# Directions
In the data below, locate each line with the word "centres" and list it.

===== The input =====

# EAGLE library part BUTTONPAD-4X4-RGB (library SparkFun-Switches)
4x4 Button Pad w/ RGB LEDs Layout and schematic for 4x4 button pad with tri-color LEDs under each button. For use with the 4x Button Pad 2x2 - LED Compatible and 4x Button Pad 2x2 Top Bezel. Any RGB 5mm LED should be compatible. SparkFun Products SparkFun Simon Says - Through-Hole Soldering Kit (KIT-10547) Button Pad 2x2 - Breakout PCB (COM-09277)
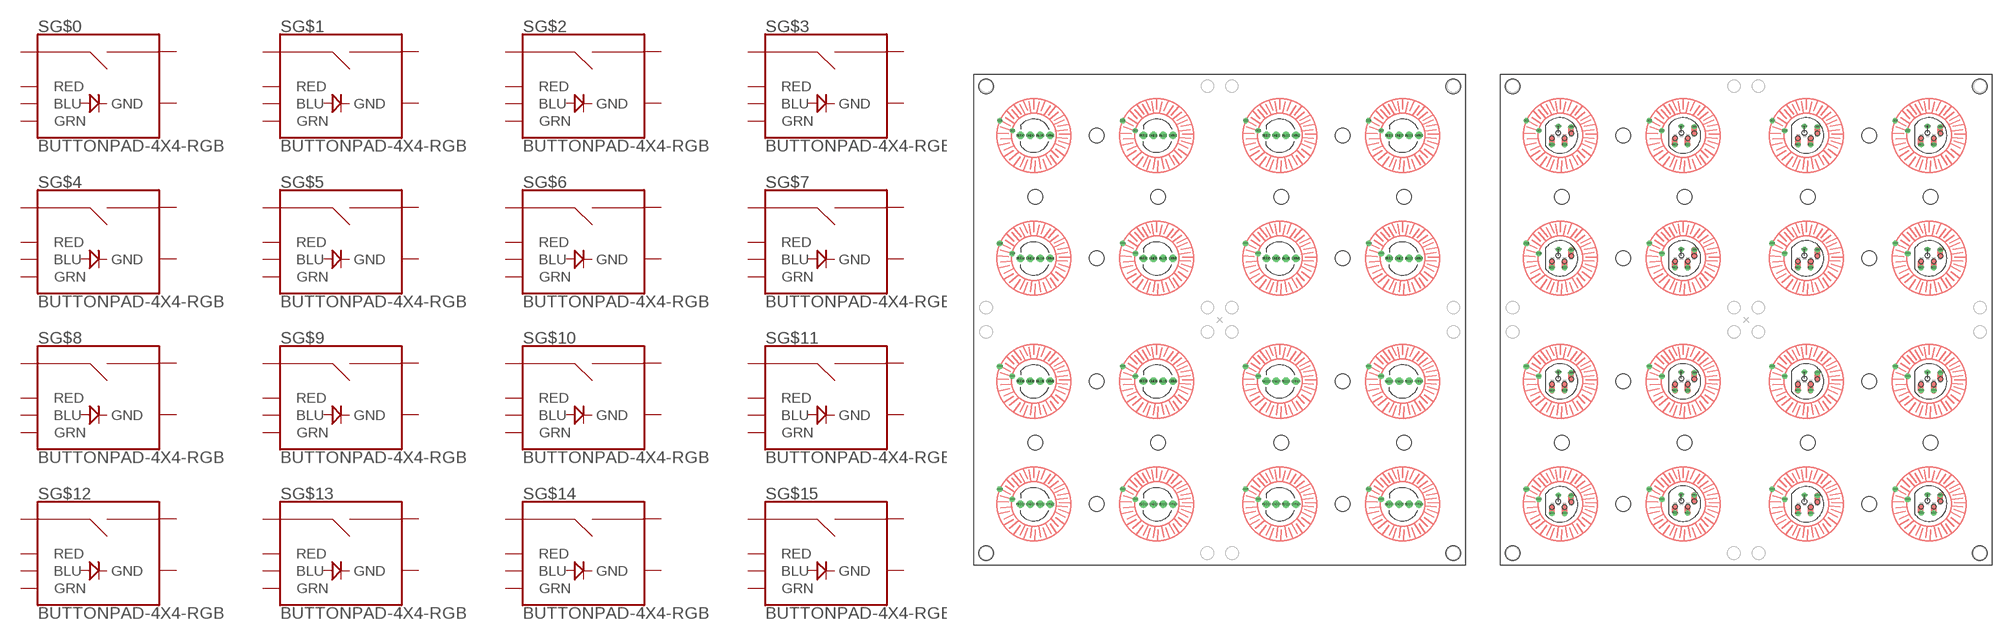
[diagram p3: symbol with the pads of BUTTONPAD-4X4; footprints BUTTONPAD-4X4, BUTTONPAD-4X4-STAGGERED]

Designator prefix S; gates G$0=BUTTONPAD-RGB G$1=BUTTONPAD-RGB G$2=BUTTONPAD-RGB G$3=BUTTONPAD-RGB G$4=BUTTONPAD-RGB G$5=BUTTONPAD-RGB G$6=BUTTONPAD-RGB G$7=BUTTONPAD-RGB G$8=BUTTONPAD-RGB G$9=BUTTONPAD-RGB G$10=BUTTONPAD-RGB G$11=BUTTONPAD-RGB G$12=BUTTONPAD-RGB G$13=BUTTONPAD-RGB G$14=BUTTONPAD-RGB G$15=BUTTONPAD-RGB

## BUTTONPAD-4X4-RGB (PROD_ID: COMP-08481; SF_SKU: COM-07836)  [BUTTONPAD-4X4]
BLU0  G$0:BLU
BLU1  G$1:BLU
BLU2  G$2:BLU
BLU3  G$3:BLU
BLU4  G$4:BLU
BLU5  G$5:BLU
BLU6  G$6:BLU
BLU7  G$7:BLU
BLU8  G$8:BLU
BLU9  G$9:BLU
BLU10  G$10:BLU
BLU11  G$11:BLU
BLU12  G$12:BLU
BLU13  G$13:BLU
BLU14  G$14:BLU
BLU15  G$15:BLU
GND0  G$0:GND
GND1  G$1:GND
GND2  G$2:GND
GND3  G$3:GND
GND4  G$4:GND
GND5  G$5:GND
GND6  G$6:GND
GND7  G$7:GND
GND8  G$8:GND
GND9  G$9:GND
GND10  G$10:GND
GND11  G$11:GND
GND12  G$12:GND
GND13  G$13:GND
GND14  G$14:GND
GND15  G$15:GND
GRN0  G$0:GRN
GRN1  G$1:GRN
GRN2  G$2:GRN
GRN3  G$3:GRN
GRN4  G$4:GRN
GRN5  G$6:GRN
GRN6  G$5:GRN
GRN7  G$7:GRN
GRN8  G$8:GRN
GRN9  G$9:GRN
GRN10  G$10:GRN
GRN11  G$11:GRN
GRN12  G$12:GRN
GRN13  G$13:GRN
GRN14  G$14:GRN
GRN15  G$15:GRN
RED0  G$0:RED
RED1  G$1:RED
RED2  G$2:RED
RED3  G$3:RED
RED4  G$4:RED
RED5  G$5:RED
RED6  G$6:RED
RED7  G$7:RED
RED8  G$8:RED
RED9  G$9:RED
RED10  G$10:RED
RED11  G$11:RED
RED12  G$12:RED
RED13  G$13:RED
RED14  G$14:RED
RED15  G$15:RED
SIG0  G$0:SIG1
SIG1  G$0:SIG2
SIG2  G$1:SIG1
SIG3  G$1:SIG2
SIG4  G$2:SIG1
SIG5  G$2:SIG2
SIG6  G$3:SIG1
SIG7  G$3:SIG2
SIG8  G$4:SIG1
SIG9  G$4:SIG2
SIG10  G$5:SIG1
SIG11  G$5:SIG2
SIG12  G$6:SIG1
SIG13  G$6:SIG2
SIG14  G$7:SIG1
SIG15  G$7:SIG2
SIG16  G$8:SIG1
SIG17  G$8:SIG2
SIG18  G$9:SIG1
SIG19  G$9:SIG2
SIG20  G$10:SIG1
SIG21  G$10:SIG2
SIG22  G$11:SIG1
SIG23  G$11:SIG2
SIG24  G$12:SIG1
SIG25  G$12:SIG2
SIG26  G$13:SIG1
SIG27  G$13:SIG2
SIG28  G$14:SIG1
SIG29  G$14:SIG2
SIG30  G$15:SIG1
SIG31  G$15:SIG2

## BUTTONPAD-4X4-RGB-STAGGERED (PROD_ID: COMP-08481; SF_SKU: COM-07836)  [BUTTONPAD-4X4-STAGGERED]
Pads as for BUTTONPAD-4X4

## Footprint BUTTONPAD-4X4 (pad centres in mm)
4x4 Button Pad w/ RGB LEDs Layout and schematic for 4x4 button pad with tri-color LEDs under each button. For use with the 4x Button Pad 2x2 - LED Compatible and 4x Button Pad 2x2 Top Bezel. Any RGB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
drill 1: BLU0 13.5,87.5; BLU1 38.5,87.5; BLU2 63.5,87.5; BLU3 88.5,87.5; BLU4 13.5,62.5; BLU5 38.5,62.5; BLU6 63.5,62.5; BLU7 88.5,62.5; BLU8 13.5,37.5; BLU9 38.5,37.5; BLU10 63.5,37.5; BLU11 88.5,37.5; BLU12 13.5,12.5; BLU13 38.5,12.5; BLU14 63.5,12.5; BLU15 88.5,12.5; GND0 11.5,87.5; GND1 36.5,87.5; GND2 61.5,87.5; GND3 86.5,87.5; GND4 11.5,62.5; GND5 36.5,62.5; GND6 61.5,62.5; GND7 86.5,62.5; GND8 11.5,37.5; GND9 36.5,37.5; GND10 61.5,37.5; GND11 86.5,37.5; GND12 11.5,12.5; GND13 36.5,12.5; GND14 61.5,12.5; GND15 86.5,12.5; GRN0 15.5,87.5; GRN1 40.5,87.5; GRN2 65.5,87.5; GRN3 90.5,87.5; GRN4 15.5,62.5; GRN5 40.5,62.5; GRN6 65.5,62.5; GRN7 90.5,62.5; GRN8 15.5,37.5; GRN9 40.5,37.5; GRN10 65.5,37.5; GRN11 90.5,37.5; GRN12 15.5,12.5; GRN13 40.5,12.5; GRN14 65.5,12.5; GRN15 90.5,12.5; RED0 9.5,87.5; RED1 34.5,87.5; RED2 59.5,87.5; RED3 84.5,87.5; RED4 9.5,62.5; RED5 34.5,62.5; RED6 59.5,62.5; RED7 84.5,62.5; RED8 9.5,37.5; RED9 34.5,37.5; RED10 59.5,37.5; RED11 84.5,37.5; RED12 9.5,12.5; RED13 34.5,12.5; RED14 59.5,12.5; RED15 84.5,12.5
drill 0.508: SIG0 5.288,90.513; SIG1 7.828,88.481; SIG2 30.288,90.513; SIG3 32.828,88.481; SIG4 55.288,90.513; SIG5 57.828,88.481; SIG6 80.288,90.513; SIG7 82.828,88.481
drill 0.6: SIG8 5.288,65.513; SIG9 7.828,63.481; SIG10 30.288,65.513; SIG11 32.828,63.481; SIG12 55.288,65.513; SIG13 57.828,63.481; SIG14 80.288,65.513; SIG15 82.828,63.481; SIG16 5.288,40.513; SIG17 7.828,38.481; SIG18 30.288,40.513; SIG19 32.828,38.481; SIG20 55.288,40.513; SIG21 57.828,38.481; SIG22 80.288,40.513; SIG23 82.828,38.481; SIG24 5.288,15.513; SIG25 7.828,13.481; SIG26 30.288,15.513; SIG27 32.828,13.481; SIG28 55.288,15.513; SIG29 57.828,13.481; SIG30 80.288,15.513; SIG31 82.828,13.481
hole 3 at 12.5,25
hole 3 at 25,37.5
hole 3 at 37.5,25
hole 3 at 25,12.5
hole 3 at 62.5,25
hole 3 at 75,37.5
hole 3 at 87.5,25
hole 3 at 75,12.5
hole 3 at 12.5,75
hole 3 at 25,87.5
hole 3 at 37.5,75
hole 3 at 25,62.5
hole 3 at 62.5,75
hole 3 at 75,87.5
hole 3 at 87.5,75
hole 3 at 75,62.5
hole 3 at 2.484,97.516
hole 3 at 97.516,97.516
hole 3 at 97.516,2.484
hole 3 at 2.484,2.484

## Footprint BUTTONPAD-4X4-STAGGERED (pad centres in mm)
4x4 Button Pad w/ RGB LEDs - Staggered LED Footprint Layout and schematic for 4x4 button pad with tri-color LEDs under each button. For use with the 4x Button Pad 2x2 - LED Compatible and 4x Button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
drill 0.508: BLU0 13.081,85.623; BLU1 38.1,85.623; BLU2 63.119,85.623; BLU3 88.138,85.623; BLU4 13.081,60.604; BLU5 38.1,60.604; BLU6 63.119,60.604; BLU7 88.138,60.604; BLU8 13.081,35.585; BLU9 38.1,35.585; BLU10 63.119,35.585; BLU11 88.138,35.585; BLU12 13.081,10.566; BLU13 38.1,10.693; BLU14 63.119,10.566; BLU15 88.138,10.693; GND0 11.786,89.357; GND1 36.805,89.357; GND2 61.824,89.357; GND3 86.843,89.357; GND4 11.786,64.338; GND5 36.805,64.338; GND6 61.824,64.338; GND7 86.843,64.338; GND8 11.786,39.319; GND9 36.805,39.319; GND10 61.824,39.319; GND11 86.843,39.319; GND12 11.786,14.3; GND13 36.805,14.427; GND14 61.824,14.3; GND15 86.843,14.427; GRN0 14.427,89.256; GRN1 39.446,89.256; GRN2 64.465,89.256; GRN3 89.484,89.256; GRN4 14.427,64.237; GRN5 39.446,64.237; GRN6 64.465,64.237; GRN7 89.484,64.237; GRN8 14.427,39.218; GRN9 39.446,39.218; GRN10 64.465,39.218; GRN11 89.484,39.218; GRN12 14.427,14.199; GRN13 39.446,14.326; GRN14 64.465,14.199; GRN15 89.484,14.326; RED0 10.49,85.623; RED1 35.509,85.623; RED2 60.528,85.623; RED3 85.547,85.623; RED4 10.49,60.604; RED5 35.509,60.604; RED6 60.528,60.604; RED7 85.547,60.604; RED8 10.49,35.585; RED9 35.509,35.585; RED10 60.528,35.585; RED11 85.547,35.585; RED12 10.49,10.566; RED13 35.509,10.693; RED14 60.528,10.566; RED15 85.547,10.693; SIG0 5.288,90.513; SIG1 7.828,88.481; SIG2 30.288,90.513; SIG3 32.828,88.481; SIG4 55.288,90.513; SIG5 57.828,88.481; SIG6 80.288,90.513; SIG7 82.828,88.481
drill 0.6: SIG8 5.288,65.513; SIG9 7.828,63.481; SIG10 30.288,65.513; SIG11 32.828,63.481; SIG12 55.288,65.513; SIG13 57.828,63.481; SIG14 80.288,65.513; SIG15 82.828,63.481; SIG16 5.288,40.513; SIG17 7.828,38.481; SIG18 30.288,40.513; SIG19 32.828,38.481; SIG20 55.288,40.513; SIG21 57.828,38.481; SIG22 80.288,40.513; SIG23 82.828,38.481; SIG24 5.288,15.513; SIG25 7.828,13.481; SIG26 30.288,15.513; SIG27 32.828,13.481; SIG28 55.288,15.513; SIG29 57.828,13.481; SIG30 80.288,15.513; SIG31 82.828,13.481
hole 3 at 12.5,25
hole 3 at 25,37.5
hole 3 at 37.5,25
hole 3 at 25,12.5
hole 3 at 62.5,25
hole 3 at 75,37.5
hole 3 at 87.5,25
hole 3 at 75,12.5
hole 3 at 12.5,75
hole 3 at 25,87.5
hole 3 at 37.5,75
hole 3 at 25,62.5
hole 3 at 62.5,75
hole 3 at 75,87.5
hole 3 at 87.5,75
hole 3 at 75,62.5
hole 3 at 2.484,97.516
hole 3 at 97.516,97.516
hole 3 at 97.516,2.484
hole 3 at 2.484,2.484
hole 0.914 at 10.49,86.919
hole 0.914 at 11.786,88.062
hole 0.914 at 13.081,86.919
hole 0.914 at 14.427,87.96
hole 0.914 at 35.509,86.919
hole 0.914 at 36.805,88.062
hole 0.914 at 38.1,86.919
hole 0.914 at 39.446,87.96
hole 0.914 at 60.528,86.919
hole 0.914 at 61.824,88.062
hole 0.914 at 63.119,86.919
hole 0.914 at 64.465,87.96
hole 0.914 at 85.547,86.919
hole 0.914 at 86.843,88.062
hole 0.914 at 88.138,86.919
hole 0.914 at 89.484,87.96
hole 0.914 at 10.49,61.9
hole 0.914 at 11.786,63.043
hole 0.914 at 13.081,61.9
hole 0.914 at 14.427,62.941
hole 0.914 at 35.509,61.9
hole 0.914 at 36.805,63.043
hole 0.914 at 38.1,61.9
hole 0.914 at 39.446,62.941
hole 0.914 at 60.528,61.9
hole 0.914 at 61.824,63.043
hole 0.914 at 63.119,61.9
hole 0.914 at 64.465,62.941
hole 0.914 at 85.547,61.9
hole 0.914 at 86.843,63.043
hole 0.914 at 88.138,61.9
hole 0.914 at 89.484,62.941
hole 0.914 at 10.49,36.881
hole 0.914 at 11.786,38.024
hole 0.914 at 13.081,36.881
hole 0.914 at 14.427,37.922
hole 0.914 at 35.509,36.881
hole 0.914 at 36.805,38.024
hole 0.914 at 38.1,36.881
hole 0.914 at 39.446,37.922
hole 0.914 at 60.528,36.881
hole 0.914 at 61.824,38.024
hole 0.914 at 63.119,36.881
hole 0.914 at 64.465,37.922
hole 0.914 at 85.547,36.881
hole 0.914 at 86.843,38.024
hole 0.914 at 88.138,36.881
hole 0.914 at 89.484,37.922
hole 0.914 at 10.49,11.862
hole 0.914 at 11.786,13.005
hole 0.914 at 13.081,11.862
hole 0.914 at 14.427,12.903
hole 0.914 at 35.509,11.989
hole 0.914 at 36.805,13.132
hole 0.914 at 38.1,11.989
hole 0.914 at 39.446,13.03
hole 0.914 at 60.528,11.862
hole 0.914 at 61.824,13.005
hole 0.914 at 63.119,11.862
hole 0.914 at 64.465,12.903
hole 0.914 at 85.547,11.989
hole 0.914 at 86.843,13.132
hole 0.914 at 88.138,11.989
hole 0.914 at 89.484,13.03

=====

# Exercise response
## Footprint BUTTONPAD-4X4 (pad centres in mm)
## Footprint BUTTONPAD-4X4-STAGGERED (pad centres in mm)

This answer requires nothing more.